李予一邊撞一邊惡狠狠說道:“放過你?你不死我就不會放過你!小賤人,你和你的母親一樣賤!她都死了,你怎么還不死!?像你這種生下來就有智力殘疾的小丫頭,根本沒必要活在世上,你看到了吧,你父親也不喜歡你,因為你是他的負擔(dān),是他的累贅,你長大了,也一樣是個小白癡,我讓你死,是成全了你!”
“不要……痛……”
梓念撕心裂肺地哀求:“阿姨……痛……不要打我……我錯了……”
“阿姨?你喊我阿姨!?”
李予怒極反笑,把梓念丟到地上,用腳狠狠踩住,她痛得臉色慘白,呼吸微弱,她掙脫不了,只能求饒,嘴角流下殷紅的血絲:“阿姨……”
“我不是你的阿姨,我嫁給了你的父親,你就該喊我媽媽呀,我是你的媽媽,不是那個已經(jīng)死掉的沒用女人,快,喊一個媽媽,也許我心情一好,就不打你了。”
“媽媽……不是這樣的……”
梓念哭著嗚咽:“媽媽……不會打我……”
“小賤人!”
“李予!”
李予被這句話激怒了,她轉(zhuǎn)身從桌上拿起早已備好的皮鞭,她咬牙切齒,一下一下,用力抽打在小女孩身上。
“啊!”
梓念發(fā)出慘烈的哀嚎,她在皮鞭下蜷縮起身體,護得了這,護不了那,最后,她遍體鱗傷,身上的小裙子更是破爛不堪,全是一條條長長的口子。
“我錯了……我錯了……媽媽……媽媽……”
梓念痛苦的聲音,沒有停止,始終在房間內(nèi)回蕩。
畫面一轉(zhuǎn)。
嚴決讓看到了一張床,一男一女,相互癡纏。
看房內(nèi)布置,應(yīng)該,是在酒店。
女人是李予,而男人,正是同學(xué)會死掉的那個。
李予躺在那個男人懷里,頭發(fā)還有汗?jié)竦暮圹E,她嬌嗔,用手輕打男人的胸膛,說:“壞蛋,你到底什么時候幫我解決那個死丫頭?”

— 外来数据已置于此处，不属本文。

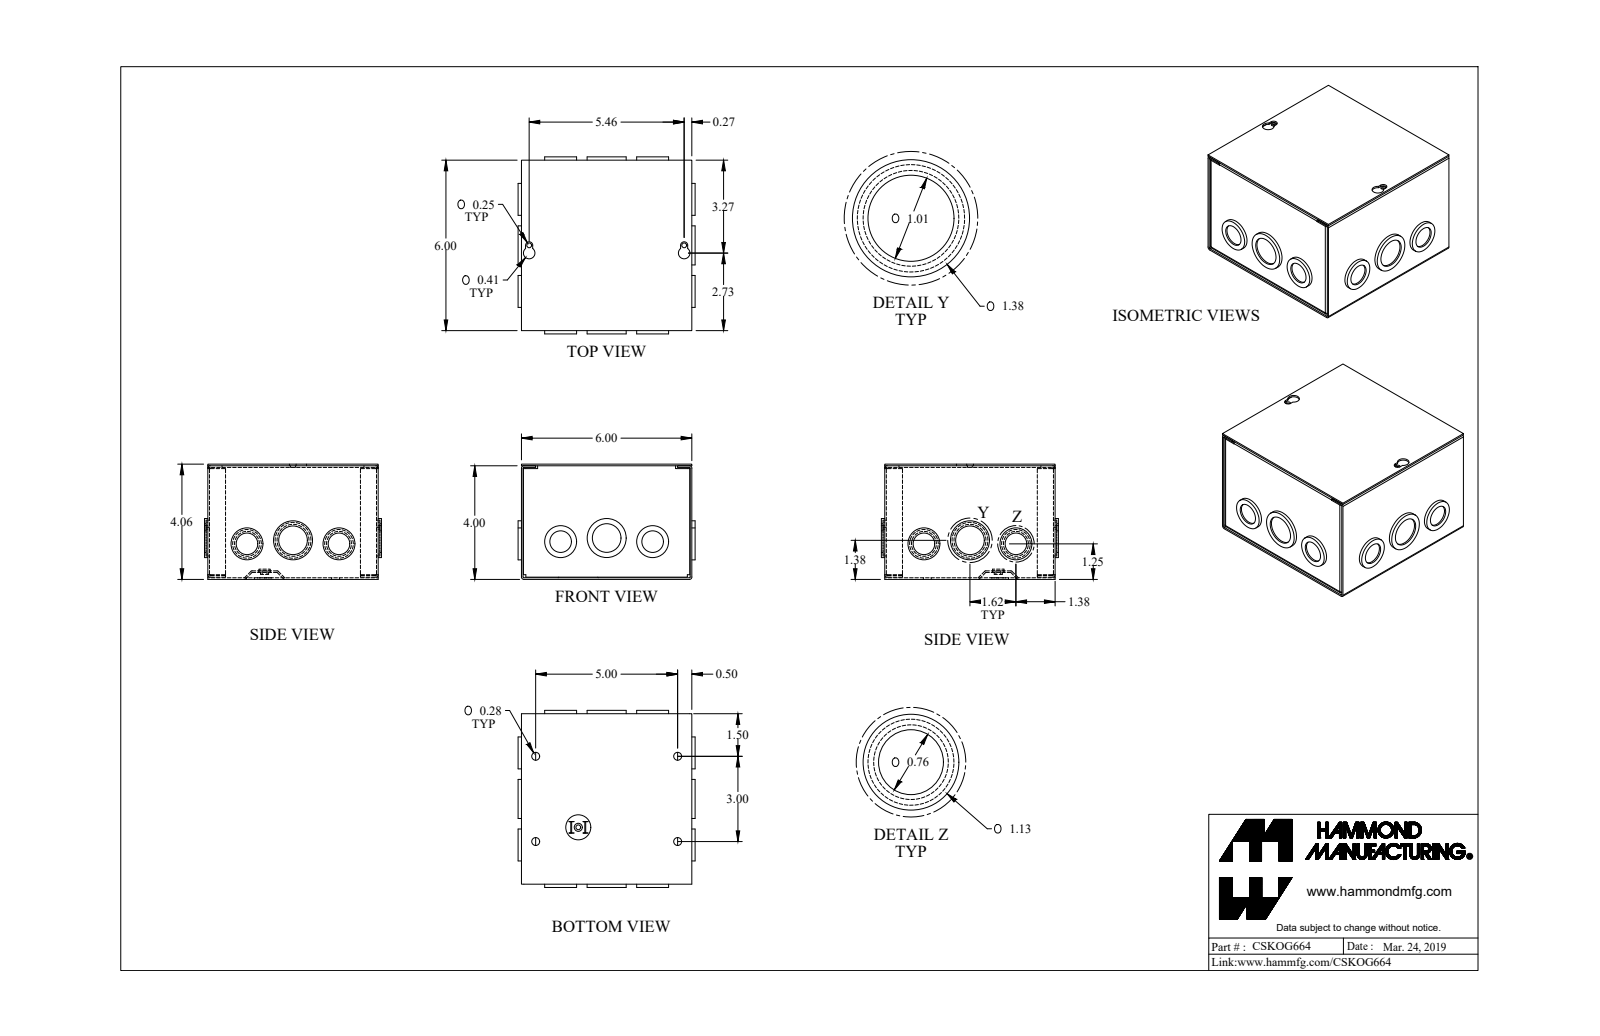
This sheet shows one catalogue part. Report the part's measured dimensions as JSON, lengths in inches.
{"part_name": "CSKOG664_Default", "step_written_by": "SolidWorks 2019 (CONFIG_CONTROL_DESIGN)", "units": "inches", "bodies": {"solids": 4, "faces": 333, "planar": 169, "cylindrical": 156, "other": 8}, "overall_size": [6.234, 6.234, 4.057], "volume_in3": 11.12, "surface_area_in2": 397, "round_holes": [[1.011, 6], [0.281, 4], [0.761, 4], [0.17, 3], [1.261, 2], [0.5, 1]], "round_bosses_or_shafts": [[1.125, 5], [0.875, 4], [0.875, 3], [1.375, 2], [1.125, 1], [0.492, 1], [0.284, 1]], "partial_cylinders_radius": [[0.029, 12], [0.086, 12], [0.057, 8], [0.125, 2], [0.203, 2]], "face_to_face_distances": [0.057, 5.943, 4, 6, 3.943, 5.886, 4.057, 0.07, 5.873, 0.114], "hole_center_spacings": [1.517, 1.625, 5.441, 3, 3.24, 5, 5.831, 1.5]}

男人寵溺地在李予額頭親一口,道:“放心,那個小丫頭,我會幫你解決的,很快,好不好?”
李予嬌笑:“事成之后,我會給你錢的。”
男人沉了臉:“我是為錢才跟你在一起的嗎?我要的,是你這個人。”
“討厭,人家這不是在你懷里嗎?我連心都給你了呢。”
李予握著男人的手掌放在自己心口,接下來,抵死相纏,一室旖旎。